Data extracted from a collection
------
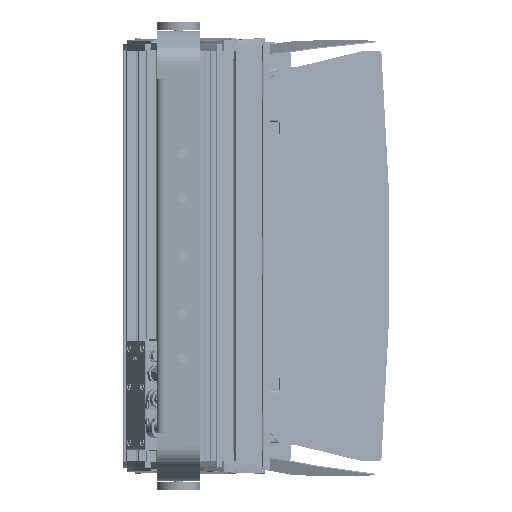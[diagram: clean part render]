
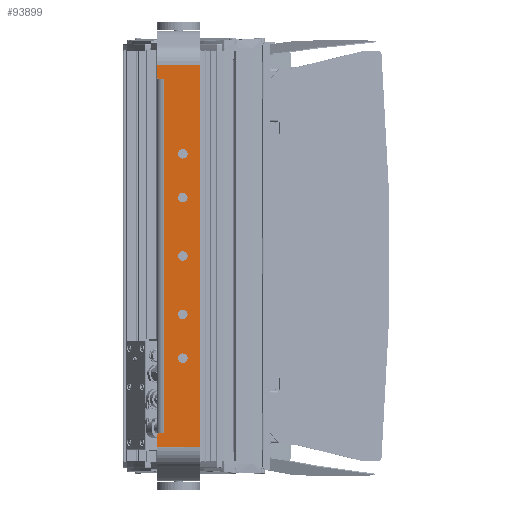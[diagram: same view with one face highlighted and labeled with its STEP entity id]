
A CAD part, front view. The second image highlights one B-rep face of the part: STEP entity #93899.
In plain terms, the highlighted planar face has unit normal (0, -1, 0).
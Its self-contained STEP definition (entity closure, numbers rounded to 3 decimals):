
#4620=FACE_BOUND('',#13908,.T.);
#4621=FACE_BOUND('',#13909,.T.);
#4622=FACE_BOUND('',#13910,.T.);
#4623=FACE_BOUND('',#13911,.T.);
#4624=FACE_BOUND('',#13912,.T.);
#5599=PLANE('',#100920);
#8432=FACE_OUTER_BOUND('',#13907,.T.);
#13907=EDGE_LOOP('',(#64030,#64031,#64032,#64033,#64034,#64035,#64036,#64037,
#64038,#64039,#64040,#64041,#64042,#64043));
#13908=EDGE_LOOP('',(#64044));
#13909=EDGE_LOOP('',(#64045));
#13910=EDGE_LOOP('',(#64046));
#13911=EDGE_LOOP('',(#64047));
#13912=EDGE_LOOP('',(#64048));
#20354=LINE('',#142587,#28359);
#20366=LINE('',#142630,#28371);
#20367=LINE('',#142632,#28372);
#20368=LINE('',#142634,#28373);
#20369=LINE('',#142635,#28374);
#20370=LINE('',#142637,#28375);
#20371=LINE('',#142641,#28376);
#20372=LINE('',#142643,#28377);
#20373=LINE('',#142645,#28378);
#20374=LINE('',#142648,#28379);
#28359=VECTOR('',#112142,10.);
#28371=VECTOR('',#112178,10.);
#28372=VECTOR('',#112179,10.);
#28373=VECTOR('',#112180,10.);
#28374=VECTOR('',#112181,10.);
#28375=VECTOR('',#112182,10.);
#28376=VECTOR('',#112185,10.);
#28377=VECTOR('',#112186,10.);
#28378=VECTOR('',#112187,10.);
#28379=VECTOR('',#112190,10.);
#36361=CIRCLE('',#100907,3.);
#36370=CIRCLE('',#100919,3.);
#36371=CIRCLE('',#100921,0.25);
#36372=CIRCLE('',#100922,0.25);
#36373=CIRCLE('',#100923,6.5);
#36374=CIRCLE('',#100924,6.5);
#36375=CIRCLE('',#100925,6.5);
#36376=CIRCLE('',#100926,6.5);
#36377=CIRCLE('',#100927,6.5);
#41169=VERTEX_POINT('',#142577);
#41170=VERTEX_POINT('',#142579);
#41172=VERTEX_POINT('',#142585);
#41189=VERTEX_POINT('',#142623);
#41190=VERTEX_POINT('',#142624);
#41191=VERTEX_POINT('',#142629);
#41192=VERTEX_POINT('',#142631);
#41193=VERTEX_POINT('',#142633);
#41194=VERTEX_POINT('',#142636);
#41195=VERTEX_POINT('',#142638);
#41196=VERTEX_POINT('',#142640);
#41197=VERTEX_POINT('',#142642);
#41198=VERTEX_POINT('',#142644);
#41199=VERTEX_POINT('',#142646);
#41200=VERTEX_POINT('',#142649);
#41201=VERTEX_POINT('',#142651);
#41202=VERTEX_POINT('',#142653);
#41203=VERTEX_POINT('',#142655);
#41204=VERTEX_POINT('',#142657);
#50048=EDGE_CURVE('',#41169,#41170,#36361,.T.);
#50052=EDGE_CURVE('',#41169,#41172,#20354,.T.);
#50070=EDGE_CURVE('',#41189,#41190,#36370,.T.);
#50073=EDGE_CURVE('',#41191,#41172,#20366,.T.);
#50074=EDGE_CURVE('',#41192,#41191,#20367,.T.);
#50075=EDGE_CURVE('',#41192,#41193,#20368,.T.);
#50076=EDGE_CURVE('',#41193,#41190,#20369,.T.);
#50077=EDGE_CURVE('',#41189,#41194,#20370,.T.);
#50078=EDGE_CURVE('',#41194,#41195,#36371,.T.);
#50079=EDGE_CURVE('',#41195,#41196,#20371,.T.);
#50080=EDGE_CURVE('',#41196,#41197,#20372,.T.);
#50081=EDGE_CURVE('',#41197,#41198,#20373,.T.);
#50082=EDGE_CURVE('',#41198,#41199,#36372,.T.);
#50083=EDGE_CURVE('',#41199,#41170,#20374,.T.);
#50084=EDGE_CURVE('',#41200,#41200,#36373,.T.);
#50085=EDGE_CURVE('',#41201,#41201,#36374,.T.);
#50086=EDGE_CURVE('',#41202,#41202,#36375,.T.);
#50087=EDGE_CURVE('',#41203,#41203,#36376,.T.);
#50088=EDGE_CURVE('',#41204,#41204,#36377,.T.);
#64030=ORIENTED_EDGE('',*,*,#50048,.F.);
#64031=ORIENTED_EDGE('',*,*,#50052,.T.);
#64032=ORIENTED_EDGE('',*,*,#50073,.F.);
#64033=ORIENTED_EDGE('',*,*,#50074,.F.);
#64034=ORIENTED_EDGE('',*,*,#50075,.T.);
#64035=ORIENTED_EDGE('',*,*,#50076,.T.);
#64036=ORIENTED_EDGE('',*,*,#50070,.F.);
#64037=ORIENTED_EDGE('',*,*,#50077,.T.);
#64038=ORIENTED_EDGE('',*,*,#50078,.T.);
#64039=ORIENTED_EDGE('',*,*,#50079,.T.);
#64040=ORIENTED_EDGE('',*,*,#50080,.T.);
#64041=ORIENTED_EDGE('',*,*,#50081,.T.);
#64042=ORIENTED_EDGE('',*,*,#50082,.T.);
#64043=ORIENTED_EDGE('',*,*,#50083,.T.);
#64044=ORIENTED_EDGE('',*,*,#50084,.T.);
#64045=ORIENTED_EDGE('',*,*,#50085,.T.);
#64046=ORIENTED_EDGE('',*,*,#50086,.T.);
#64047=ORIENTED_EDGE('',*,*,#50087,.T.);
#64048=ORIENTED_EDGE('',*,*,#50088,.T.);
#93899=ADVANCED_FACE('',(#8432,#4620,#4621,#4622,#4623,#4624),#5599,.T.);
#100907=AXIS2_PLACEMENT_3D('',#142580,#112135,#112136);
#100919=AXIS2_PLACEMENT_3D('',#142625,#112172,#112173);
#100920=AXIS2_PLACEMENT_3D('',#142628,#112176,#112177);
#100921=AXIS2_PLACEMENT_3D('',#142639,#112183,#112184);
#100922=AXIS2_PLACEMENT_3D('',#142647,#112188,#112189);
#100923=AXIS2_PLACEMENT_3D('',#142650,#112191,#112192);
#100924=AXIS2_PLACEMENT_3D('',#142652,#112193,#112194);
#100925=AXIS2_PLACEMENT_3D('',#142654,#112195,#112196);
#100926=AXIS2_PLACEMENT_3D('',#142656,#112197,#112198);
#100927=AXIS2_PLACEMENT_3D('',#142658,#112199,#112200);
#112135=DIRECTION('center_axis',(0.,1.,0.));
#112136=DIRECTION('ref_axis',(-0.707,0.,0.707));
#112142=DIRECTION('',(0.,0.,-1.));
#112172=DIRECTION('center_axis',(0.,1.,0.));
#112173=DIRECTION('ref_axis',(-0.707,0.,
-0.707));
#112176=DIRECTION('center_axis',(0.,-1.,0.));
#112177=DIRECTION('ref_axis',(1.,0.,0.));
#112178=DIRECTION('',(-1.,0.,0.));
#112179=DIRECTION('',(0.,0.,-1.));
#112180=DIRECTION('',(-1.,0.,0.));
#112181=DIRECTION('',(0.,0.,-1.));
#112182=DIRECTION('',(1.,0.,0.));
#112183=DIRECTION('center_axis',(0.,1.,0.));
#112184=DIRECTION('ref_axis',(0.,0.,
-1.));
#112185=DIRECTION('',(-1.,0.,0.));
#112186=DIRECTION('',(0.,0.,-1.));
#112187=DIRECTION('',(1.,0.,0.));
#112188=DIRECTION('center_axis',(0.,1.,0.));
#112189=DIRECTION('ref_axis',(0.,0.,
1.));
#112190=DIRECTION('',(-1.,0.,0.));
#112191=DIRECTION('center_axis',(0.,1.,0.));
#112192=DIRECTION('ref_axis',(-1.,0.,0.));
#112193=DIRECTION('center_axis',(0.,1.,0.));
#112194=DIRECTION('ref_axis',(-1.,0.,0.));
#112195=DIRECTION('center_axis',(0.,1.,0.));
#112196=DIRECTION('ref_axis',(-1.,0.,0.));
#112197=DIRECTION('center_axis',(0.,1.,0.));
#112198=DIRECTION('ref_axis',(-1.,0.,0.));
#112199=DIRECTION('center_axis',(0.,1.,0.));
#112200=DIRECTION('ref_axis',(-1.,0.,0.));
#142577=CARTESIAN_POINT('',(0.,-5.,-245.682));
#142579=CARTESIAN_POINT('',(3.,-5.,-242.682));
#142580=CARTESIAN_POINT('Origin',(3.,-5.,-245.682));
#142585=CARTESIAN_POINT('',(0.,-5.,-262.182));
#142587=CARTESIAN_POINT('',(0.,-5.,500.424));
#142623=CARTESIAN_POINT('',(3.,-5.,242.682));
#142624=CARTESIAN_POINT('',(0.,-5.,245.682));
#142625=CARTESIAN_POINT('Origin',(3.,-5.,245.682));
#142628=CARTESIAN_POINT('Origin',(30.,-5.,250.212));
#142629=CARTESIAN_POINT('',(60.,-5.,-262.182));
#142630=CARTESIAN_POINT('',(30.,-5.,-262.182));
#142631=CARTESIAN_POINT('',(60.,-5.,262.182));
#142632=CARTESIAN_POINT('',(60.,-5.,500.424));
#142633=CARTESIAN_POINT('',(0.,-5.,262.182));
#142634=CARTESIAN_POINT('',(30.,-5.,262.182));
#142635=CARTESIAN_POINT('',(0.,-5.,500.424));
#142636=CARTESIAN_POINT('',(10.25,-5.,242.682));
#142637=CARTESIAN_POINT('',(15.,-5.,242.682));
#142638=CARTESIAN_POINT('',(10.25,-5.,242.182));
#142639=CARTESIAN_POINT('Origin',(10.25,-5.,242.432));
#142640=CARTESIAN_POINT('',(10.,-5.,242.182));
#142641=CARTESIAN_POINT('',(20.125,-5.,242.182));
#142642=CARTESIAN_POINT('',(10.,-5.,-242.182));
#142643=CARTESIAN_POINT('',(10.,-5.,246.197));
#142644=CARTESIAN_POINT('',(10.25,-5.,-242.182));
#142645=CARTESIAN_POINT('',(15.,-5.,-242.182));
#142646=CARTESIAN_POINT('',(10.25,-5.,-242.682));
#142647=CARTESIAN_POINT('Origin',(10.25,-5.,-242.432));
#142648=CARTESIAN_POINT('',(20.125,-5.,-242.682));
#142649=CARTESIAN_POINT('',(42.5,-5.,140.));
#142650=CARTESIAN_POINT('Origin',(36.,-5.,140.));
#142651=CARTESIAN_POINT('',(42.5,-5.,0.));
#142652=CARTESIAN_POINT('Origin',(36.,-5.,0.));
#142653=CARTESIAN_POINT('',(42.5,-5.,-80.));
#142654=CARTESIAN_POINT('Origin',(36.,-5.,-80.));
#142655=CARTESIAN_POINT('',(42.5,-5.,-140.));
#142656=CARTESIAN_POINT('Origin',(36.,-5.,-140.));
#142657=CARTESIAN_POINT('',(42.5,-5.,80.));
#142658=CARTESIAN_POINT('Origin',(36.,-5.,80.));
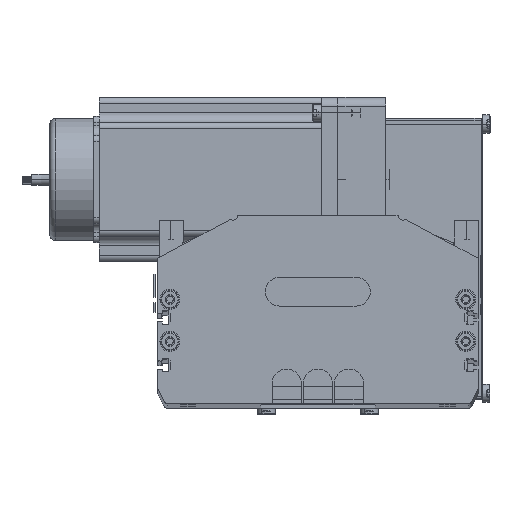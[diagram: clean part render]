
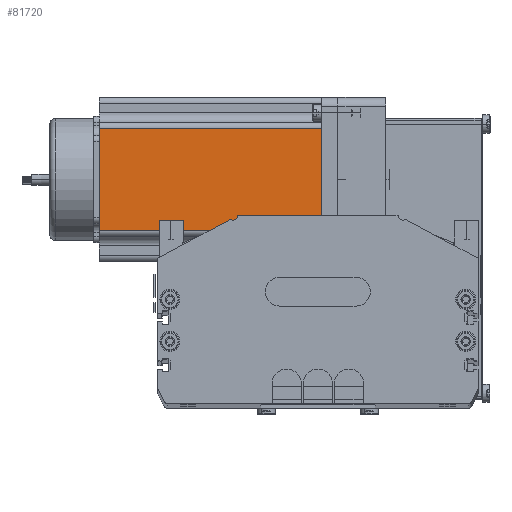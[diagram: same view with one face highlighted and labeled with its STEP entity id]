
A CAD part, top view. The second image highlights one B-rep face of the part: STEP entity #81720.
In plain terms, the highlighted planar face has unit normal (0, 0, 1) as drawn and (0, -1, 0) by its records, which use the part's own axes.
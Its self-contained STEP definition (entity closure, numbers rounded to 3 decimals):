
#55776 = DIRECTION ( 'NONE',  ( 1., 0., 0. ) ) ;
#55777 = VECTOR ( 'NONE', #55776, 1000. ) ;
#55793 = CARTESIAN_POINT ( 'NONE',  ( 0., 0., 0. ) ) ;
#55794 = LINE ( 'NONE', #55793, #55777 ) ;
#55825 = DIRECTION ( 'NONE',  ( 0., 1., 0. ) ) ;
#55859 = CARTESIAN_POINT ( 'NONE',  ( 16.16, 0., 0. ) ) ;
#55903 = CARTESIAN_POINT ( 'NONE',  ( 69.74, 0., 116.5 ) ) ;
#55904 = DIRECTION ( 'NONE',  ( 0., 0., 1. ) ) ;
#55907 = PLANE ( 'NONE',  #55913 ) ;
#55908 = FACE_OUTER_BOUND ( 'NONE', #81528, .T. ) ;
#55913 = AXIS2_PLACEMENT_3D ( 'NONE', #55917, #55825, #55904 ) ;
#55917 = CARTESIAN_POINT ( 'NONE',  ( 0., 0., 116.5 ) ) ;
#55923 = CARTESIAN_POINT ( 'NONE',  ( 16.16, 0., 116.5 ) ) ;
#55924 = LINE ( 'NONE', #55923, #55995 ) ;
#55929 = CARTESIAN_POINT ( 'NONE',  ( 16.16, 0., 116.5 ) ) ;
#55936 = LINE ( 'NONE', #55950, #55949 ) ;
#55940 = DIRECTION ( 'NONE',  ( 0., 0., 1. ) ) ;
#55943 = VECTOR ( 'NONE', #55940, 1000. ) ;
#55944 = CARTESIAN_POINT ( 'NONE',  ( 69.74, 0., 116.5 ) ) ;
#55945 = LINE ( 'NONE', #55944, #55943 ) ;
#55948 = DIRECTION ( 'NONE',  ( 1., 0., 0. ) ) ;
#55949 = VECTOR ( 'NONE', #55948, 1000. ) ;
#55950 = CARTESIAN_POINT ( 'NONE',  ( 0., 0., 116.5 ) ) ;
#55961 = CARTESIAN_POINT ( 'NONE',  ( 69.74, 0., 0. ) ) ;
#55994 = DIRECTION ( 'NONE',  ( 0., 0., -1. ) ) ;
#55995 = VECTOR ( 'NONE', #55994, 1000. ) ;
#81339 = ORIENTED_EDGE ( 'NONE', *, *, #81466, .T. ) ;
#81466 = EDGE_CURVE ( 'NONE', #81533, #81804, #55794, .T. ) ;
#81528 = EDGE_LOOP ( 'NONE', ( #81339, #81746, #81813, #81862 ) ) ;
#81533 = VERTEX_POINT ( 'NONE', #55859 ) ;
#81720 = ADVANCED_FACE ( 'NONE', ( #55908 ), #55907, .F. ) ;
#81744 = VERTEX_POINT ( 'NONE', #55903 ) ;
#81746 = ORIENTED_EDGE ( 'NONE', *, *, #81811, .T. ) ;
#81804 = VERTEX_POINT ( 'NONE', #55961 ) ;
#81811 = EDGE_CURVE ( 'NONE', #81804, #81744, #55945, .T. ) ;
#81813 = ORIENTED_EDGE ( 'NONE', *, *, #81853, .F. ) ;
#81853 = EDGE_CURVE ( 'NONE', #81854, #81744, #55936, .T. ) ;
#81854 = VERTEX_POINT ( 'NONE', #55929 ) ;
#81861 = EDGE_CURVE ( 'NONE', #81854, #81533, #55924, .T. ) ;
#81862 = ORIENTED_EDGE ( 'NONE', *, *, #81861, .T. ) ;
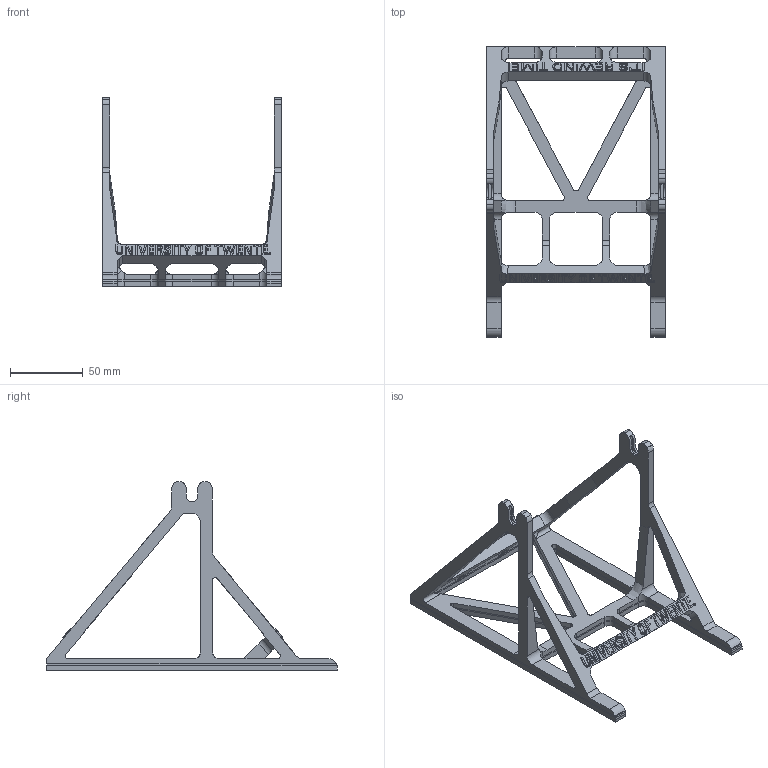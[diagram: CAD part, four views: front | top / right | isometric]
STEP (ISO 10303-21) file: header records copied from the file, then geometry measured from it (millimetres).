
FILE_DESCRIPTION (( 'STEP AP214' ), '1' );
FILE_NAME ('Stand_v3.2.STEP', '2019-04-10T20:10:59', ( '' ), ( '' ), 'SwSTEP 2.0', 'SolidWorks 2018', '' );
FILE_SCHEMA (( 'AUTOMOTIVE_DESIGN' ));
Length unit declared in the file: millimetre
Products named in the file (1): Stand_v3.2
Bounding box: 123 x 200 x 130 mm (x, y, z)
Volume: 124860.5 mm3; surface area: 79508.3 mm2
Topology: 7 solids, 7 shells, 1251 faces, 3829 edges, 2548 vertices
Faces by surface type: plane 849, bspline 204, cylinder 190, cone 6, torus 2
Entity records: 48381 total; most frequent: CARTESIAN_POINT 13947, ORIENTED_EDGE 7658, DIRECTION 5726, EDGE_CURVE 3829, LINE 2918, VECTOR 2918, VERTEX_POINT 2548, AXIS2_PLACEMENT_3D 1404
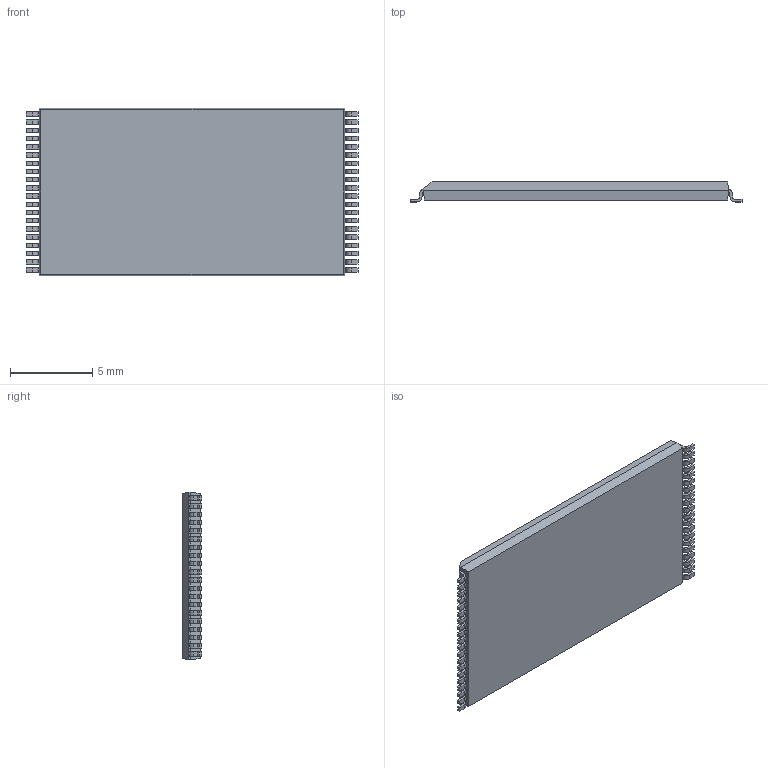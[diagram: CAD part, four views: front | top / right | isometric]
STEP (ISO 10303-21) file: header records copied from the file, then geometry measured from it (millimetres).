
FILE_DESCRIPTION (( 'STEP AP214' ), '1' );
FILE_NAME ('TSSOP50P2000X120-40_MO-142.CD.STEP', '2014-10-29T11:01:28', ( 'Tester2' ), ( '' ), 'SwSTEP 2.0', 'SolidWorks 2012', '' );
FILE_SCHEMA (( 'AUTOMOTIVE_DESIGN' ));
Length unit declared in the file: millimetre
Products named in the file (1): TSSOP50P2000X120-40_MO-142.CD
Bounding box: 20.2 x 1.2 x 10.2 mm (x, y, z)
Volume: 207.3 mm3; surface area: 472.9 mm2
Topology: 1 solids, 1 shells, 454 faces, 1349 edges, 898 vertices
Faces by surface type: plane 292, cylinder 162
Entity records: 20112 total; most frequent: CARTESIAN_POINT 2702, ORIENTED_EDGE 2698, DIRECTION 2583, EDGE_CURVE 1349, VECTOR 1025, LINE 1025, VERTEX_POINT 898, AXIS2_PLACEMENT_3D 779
------
▶ _Task objective_: Output, from the data above, the lines from the line with "#20369=LINE('',#142635,#28374);" to the line with "#28373=VECTOR('',#112180,10.);" exactly as they stand, both ends included and nothing else.

▶ _Output below_:
#20369=LINE('',#142635,#28374);
#20370=LINE('',#142637,#28375);
#20371=LINE('',#142641,#28376);
#20372=LINE('',#142643,#28377);
#20373=LINE('',#142645,#28378);
#20374=LINE('',#142648,#28379);
#28359=VECTOR('',#112142,10.);
#28371=VECTOR('',#112178,10.);
#28372=VECTOR('',#112179,10.);
#28373=VECTOR('',#112180,10.);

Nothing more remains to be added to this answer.